Is there an unsaid rule that bar cookies have to be heavy and gooey? Two weeks ago, we picked up a cup of coffee on our way to the park so that the little monkey could continue his path of destruction outside our apartment, and I fell for something in the bakery case called peach shortbread, cut into bars. But instead of being thick and intense, it was delicate, light and barely sweet — a thin layer of shortbread, even thinner slices of peach and the faintest sprinkling of streusel on top. I knew I had to share it.
And it wasn’t until I had jotted down “peach streusel bar” on my to-do list that I remembered a recipe for brown butter peach bars from that I found in a preview of The Big Sur Bakery Cookbook in The New York Times nearly three years ago, and have pined for since. (This recipe didn’t make it into the cookbook, but a rhubarb version — that looked almost as time-consuming and delicious — did.) Every summer, I swear, I’m going to summon the energy to make them. First, you make a peach jam from fresh peaches. It involves a candy thermometer. It takes an hour to cook. Then you brown butter and freeze it until solid. Then you make a crumb base with this butter, bake it for 20 minutes and let it cool. Then you make a custard filling with fresh vanilla bean, and brown more butter. This filling is spread over the baked crust, the peach jam is dolloped over that, and you bake it for 30 minutes more. I have no doubt that nirvana ensues, in fact, a reader recently told me that she tried them and they were absolutely worth it. But I got tired just typing this paragraph and I realized it was time for me to admit that it might not be worth it to me, especially since so much of time right now is spent doing things like this.
Besides, the easiest fruit cookie bar on earth is already in these archives. I played around with it a bit: I browned the butter, in homage to that recipe I’m never going to make, added a faint whiff of spices and messed with the proportions a little, putting more crumb on the bottom and just a sprinkle on top. You won’t believe how thin and light a shortbread bar can be, and yet with more flavor than something twice as thick and gooey. And you won’t believe how little time — even with the brown butter step — this takes and how fitting that makes them for a weekend that you’d rather spend soaking up the last of summer.
One year ago: Granola Bars (Psst, I like these better.)
Two years ago: Sour Cherry Compote, Cold-Brewed Iced Coffee, Bourbon Peach Hand Pies and Raspberry Breakfast Bars
Three years ago: Spicy Soba Noodles with Shiitakes
Four years ago: 44-Clove Garlic Soup
I browned the butter when I made these bars and for once, I felt I could actually taste it in the final cookie (when so often it gets buried under other ingredients). By that measurement, it is absolutely worth it.

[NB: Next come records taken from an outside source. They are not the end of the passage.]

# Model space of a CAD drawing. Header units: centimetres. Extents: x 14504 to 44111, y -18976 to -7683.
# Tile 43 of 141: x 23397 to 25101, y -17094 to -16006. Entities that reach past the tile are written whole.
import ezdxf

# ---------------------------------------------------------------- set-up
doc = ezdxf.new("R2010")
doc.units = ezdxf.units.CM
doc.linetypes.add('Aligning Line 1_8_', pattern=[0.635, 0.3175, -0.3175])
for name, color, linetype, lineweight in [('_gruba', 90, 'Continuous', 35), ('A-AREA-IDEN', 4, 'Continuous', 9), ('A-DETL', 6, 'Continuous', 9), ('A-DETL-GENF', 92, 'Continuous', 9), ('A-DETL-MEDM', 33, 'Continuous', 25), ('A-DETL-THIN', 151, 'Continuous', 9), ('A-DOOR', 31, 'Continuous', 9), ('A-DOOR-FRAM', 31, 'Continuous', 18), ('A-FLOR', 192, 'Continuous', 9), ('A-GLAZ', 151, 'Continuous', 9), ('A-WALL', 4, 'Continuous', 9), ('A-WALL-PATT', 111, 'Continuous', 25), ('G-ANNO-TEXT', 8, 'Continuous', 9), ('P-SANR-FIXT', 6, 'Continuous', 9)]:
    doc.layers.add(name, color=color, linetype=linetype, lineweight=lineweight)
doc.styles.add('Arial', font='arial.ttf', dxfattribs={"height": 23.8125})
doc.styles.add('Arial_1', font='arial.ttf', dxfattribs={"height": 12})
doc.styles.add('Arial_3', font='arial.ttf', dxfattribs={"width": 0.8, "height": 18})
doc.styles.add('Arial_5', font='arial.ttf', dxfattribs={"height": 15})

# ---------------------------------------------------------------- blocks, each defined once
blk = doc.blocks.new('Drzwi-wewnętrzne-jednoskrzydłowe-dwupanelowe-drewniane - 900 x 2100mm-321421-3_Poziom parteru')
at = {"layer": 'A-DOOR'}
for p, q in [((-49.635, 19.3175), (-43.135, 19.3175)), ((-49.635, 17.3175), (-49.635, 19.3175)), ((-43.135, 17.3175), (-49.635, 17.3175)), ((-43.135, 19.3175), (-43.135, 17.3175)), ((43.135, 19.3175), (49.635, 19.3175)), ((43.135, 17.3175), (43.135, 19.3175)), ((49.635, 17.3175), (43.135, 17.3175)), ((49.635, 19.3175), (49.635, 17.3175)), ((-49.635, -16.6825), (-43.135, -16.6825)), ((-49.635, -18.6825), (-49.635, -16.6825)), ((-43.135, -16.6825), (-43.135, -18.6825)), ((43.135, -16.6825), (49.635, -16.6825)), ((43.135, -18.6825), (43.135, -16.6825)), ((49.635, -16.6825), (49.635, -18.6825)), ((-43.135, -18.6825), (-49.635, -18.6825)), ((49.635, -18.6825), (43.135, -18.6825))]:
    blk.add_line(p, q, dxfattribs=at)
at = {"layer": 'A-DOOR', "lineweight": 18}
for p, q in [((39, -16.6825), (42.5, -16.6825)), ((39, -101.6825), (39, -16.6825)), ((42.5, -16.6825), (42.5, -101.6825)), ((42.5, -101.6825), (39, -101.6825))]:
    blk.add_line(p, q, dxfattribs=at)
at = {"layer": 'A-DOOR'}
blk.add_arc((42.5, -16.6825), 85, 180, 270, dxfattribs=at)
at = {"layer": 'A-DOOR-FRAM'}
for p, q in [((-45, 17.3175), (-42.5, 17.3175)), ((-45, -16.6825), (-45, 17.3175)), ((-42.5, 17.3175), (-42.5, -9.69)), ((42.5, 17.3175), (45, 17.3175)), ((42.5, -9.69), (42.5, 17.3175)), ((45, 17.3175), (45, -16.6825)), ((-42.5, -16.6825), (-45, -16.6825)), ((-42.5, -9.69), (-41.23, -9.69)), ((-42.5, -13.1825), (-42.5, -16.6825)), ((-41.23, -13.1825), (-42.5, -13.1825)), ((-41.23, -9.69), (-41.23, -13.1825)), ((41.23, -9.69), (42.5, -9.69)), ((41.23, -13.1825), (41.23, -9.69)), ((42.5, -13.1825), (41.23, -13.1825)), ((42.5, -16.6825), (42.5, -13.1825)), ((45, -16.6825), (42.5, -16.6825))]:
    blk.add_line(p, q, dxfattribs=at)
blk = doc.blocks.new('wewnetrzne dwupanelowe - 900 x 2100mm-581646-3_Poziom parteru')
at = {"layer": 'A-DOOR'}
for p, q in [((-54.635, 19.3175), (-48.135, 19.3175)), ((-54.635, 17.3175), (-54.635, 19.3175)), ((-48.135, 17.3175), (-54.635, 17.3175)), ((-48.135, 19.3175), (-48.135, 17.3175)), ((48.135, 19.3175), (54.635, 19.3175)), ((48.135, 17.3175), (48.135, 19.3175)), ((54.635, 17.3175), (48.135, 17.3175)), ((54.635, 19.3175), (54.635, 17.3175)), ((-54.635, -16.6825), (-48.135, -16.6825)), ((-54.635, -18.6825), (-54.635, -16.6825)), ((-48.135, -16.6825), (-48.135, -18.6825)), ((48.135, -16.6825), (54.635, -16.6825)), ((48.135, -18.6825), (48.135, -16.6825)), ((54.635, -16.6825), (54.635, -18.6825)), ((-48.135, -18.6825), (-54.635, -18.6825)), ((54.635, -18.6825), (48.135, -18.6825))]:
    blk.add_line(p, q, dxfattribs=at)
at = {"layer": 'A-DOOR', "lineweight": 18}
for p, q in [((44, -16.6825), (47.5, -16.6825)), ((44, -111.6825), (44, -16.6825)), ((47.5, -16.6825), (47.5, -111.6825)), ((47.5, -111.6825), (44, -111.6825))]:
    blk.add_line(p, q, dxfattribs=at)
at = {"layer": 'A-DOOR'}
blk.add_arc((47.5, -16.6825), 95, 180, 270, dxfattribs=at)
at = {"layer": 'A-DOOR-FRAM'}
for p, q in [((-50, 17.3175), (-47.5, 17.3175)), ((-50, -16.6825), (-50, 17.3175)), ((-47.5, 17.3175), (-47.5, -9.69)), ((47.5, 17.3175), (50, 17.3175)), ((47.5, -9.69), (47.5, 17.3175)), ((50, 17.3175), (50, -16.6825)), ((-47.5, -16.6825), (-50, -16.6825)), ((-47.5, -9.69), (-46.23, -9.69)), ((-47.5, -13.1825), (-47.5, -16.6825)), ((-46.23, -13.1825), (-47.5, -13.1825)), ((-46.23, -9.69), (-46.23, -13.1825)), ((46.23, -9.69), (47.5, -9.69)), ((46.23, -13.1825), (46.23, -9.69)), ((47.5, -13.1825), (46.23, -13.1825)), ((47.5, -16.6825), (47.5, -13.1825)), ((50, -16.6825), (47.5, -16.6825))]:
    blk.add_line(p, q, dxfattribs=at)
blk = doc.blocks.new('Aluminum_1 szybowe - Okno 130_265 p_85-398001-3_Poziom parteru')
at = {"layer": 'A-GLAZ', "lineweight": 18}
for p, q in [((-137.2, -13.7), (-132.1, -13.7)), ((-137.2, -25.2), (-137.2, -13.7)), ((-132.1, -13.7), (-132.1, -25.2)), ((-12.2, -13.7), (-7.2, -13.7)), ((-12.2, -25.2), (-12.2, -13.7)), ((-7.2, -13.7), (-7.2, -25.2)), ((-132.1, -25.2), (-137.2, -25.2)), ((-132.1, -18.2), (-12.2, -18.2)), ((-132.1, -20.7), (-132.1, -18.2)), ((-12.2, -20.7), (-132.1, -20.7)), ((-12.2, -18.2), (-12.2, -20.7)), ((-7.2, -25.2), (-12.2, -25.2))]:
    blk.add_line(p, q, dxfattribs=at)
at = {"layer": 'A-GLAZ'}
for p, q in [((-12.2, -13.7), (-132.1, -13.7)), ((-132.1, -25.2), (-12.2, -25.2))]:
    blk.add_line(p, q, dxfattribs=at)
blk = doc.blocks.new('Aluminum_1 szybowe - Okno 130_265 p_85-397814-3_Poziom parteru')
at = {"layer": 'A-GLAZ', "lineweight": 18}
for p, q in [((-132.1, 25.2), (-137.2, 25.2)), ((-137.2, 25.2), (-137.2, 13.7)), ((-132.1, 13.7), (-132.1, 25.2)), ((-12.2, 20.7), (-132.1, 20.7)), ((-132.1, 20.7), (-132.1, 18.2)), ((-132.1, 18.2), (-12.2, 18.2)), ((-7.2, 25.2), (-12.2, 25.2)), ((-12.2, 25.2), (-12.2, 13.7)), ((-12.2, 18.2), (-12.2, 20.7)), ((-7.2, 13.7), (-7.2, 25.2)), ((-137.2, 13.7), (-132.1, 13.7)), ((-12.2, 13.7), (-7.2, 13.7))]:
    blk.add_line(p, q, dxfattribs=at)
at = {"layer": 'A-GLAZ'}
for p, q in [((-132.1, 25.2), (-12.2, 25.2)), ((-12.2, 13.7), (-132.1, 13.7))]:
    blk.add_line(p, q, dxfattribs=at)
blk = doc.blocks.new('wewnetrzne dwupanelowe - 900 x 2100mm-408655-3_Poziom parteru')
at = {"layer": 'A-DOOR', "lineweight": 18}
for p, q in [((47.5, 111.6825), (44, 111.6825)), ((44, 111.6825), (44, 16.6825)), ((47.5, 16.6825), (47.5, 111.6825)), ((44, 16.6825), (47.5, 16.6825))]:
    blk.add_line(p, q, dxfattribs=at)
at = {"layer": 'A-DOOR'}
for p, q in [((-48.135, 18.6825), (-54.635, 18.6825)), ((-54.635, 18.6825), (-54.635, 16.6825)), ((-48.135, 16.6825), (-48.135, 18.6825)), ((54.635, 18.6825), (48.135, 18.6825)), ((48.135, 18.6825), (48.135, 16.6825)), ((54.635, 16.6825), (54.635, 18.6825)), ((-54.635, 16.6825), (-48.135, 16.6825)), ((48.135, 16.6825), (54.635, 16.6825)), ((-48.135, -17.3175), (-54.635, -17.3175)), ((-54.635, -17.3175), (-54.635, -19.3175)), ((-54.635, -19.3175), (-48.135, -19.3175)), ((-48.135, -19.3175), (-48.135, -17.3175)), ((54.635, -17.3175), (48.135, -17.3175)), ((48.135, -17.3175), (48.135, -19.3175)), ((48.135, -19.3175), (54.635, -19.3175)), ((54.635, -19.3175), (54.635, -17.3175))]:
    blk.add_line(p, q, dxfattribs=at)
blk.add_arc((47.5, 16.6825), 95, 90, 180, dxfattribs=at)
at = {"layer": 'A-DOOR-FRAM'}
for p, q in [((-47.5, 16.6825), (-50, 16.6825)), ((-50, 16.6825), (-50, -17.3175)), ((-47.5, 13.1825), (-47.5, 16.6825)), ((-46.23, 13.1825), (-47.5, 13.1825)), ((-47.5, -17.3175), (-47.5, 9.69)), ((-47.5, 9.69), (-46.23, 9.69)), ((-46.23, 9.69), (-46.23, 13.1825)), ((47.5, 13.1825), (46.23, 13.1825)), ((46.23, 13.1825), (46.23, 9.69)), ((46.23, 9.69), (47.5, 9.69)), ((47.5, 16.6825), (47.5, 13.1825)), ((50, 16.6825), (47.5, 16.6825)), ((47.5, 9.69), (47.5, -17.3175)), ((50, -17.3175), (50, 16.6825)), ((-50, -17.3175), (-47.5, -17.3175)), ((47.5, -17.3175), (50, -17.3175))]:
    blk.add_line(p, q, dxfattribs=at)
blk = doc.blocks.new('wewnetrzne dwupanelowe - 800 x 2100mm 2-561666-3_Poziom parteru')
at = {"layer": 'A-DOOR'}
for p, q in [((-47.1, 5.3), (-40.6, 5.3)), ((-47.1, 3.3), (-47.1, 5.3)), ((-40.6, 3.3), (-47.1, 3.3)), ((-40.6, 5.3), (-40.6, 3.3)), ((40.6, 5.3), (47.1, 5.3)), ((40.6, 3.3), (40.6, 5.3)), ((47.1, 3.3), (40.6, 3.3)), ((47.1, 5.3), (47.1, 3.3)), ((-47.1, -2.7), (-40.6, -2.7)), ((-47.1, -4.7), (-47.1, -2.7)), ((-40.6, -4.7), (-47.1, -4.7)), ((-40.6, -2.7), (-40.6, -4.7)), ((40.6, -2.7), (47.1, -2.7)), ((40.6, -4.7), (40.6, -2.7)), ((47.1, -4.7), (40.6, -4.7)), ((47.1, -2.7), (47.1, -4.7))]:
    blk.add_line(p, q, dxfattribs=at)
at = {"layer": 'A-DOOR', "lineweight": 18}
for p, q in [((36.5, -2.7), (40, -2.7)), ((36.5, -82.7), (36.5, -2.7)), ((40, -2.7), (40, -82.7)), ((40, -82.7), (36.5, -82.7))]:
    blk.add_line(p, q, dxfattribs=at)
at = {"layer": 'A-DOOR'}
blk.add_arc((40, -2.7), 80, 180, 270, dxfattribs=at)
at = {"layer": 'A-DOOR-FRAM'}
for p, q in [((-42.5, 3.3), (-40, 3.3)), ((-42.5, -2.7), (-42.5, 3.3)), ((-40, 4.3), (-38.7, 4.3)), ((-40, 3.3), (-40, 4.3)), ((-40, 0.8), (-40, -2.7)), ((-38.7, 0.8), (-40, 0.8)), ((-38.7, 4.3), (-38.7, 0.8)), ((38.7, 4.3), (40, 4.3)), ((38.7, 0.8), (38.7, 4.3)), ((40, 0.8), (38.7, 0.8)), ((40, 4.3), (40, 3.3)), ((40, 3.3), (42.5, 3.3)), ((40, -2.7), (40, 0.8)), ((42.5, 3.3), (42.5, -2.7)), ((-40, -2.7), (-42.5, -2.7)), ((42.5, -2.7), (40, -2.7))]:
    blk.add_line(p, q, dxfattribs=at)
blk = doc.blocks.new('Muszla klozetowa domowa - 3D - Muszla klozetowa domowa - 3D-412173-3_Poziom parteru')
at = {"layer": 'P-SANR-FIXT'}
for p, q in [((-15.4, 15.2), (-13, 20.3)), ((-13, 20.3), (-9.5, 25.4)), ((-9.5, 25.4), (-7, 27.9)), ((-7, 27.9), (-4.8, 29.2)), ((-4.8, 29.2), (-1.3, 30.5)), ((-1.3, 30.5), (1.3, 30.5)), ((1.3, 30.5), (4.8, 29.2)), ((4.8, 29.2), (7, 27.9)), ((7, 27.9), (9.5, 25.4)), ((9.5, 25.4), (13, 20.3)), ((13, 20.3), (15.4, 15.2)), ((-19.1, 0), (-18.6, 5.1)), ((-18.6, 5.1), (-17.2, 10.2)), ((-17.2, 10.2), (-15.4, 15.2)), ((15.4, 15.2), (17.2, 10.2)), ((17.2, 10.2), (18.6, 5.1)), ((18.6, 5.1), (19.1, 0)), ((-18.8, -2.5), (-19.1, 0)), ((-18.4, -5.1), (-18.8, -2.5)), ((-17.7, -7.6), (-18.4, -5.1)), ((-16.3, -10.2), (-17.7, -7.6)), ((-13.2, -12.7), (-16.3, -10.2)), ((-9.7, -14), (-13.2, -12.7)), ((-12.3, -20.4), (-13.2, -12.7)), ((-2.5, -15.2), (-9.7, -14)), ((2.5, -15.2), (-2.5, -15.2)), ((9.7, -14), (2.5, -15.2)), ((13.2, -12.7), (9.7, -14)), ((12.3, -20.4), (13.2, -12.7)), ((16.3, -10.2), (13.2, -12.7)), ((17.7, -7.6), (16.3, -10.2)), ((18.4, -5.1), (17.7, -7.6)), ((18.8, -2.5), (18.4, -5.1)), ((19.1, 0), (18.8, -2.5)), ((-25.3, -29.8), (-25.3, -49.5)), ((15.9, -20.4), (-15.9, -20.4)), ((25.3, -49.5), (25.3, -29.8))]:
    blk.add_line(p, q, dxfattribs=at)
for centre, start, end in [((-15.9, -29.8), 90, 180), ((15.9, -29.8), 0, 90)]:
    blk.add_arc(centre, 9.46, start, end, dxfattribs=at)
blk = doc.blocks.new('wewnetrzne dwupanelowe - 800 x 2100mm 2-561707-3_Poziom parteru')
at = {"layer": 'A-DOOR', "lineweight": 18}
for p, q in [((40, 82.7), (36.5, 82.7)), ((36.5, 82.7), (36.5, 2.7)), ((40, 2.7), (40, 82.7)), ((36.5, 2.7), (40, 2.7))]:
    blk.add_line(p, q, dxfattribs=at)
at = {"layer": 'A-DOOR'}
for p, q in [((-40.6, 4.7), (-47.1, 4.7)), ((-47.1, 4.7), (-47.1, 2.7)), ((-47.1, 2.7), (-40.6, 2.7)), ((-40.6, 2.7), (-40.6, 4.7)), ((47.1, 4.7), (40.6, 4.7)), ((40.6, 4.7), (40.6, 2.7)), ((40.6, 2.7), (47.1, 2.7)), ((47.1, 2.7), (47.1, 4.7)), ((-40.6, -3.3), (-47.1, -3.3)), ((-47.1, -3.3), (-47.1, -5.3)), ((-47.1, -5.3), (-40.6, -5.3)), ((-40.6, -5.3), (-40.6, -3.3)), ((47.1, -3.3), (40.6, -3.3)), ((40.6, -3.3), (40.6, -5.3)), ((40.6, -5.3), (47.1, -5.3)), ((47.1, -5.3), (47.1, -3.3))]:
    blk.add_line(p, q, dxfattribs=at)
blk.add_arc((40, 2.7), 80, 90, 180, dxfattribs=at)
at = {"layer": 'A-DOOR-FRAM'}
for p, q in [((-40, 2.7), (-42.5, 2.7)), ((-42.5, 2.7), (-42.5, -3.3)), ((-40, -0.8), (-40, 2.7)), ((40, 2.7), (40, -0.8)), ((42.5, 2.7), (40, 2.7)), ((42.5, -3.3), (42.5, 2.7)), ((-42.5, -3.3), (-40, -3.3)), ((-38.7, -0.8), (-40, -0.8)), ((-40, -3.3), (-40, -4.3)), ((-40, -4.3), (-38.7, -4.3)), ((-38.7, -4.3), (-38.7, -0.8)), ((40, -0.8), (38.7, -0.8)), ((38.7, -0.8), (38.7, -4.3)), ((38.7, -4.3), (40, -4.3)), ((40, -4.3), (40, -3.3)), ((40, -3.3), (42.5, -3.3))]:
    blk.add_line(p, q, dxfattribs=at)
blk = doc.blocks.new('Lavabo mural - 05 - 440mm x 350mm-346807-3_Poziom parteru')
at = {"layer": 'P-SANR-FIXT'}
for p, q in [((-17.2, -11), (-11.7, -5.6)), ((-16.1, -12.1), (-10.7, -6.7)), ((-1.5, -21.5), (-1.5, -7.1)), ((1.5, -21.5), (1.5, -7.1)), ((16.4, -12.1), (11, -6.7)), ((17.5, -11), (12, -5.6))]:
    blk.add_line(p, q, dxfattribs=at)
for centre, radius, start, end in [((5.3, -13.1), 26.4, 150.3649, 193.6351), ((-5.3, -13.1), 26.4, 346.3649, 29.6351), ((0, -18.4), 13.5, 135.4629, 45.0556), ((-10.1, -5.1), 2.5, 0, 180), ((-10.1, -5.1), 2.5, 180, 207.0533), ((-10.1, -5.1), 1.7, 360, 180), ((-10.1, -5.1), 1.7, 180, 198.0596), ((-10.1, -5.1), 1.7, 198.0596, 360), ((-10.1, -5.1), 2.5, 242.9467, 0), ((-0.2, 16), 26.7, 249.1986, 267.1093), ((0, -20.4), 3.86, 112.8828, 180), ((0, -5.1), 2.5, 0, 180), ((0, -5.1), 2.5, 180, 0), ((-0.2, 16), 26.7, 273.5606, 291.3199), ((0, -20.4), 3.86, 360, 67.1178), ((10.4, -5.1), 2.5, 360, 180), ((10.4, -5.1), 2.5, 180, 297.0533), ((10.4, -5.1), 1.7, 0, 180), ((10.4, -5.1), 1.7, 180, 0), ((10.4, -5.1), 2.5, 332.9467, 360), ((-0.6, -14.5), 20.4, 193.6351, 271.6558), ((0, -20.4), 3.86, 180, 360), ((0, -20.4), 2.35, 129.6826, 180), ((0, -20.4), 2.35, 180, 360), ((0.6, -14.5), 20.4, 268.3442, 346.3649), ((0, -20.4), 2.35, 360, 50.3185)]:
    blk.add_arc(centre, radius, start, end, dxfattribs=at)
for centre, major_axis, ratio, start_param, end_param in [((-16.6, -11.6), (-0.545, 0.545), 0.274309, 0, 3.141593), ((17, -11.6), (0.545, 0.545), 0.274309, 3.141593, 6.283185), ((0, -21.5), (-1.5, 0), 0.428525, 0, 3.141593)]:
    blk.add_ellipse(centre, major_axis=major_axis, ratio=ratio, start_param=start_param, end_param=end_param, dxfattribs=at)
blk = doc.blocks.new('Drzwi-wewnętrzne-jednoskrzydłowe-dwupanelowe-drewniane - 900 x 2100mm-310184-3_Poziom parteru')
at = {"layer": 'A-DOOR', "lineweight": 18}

Still, you can make it with straight-up non-browned butter if you are pressed for time. Simply cut softened butter into the flour (instead of frozen brown butter) and increase the flour by two tablespoons, bringing it to three full cups of flour.
Note: Your base will look a hairline thicker than mine because I, uh, lost some crumbs. Onto the floor. I don’t want to talk about it.
I cut mine into 24 2 x 2 1/2-ish squares. You can halve this and bake it in a 8 x 8 pan instead.
1 cup (7 ounces or 200 grams) white sugar
1 teaspoon (5 grams) baking powder
2 3/4 cups plus 2 tablespoons (12 5/8 ounces or 359 grams) cups all-purpose flour (or you can measure 3 cups and remove 2 tablespoons flour)
1/4 teaspoon cinnamon
1/8 teaspoon freshly grated nutmeg
1/4 teaspoon (2 grams) salt
1 cup (2 sticks or 8 ounces or 227 grams) cold unsalted butter
1 large egg
2 peaches, pitted and thinly sliced (between 1/8 and 1/4-inch thick)
Brown your butter: Melt butter in a small/medium saucepan over medium-low heat. It will melt, then foam, then turn clear golden and finally start to turn brown and smell nutty. Stir frequently, scraping up any bits from the bottom as you do. Keep your eyes on it; it burns very quickly after it browns and the very second that you turn around to do something else. Set it in the freezer until solid (about 30 minutes).
[Don’t have time for all this brown butter madness? Check the head notes to use regular softened butter instead.]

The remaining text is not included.